-- TASK DESCRIPTION --
Print each entry word for word.

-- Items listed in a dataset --
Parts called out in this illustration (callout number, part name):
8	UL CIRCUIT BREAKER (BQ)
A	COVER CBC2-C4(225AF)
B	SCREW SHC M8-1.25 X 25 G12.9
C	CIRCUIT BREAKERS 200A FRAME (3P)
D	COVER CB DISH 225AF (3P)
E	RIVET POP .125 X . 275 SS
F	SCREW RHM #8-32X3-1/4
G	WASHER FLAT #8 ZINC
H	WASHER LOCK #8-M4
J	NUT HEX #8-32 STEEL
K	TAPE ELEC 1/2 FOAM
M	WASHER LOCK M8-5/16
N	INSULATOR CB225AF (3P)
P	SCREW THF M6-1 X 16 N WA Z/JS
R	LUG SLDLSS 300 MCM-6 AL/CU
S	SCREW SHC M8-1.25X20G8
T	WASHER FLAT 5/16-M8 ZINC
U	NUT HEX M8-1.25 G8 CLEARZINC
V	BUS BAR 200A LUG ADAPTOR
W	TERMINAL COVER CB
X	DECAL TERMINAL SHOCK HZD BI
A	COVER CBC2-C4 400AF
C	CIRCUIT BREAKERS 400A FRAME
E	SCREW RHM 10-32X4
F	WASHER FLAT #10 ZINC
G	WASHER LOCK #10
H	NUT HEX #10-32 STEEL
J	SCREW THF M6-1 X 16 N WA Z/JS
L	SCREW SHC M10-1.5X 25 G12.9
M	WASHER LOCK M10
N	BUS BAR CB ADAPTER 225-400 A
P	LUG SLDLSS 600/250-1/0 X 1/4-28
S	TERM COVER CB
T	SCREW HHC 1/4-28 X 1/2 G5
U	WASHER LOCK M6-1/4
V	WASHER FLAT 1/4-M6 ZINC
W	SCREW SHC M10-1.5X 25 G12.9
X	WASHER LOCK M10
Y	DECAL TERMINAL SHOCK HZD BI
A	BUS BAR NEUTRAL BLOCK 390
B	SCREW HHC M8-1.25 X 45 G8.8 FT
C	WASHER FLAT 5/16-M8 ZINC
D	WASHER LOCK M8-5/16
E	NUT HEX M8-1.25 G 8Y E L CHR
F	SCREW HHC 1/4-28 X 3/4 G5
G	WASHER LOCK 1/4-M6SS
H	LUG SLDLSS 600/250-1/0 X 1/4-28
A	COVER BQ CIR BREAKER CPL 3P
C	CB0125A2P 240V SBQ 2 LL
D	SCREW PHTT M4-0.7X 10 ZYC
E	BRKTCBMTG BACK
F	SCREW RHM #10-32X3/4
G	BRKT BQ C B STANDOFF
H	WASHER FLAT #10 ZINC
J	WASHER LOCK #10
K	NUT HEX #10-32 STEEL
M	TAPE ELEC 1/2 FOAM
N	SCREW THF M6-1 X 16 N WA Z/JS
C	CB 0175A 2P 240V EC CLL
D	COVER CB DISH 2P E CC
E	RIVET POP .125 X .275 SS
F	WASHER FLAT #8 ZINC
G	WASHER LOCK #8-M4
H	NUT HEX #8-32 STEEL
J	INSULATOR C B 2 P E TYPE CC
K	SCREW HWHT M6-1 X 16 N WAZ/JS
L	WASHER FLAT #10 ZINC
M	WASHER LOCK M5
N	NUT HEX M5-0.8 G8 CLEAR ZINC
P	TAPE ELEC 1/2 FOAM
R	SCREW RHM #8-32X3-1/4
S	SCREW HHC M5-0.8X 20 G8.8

-- FINISHED EXERCISE --
Parts called out in this illustration (callout number, part name):
8	UL CIRCUIT BREAKER (BQ)
A	COVER CBC2-C4(225AF)
B	SCREW SHC M8-1.25 X 25 G12.9
C	CIRCUIT BREAKERS 200A FRAME (3P)
D	COVER CB DISH 225AF (3P)
E	RIVET POP .125 X . 275 SS
F	SCREW RHM #8-32X3-1/4
G	WASHER FLAT #8 ZINC
H	WASHER LOCK #8-M4
J	NUT HEX #8-32 STEEL
K	TAPE ELEC 1/2 FOAM
M	WASHER LOCK M8-5/16
N	INSULATOR CB225AF (3P)
P	SCREW THF M6-1 X 16 N WA Z/JS
R	LUG SLDLSS 300 MCM-6 AL/CU
S	SCREW SHC M8-1.25X20G8
T	WASHER FLAT 5/16-M8 ZINC
U	NUT HEX M8-1.25 G8 CLEARZINC
V	BUS BAR 200A LUG ADAPTOR
W	TERMINAL COVER CB
X	DECAL TERMINAL SHOCK HZD BI
A	COVER CBC2-C4 400AF
C	CIRCUIT BREAKERS 400A FRAME
E	SCREW RHM 10-32X4
F	WASHER FLAT #10 ZINC
G	WASHER LOCK #10
H	NUT HEX #10-32 STEEL
J	SCREW THF M6-1 X 16 N WA Z/JS
L	SCREW SHC M10-1.5X 25 G12.9
M	WASHER LOCK M10
N	BUS BAR CB ADAPTER 225-400 A
P	LUG SLDLSS 600/250-1/0 X 1/4-28
S	TERM COVER CB
T	SCREW HHC 1/4-28 X 1/2 G5
U	WASHER LOCK M6-1/4
V	WASHER FLAT 1/4-M6 ZINC
W	SCREW SHC M10-1.5X 25 G12.9
X	WASHER LOCK M10
Y	DECAL TERMINAL SHOCK HZD BI
A	BUS BAR NEUTRAL BLOCK 390
B	SCREW HHC M8-1.25 X 45 G8.8 FT
C	WASHER FLAT 5/16-M8 ZINC
D	WASHER LOCK M8-5/16
E	NUT HEX M8-1.25 G 8Y E L CHR
F	SCREW HHC 1/4-28 X 3/4 G5
G	WASHER LOCK 1/4-M6SS
H	LUG SLDLSS 600/250-1/0 X 1/4-28
A	COVER BQ CIR BREAKER CPL 3P
C	CB0125A2P 240V SBQ 2 LL
D	SCREW PHTT M4-0.7X 10 ZYC
E	BRKTCBMTG BACK
F	SCREW RHM #10-32X3/4
G	BRKT BQ C B STANDOFF
H	WASHER FLAT #10 ZINC
J	WASHER LOCK #10
K	NUT HEX #10-32 STEEL
M	TAPE ELEC 1/2 FOAM
N	SCREW THF M6-1 X 16 N WA Z/JS
C	CB 0175A 2P 240V EC CLL
D	COVER CB DISH 2P E CC
E	RIVET POP .125 X .275 SS
F	WASHER FLAT #8 ZINC
G	WASHER LOCK #8-M4
H	NUT HEX #8-32 STEEL
J	INSULATOR C B 2 P E TYPE CC
K	SCREW HWHT M6-1 X 16 N WAZ/JS
L	WASHER FLAT #10 ZINC
M	WASHER LOCK M5
N	NUT HEX M5-0.8 G8 CLEAR ZINC
P	TAPE ELEC 1/2 FOAM
R	SCREW RHM #8-32X3-1/4
S	SCREW HHC M5-0.8X 20 G8.8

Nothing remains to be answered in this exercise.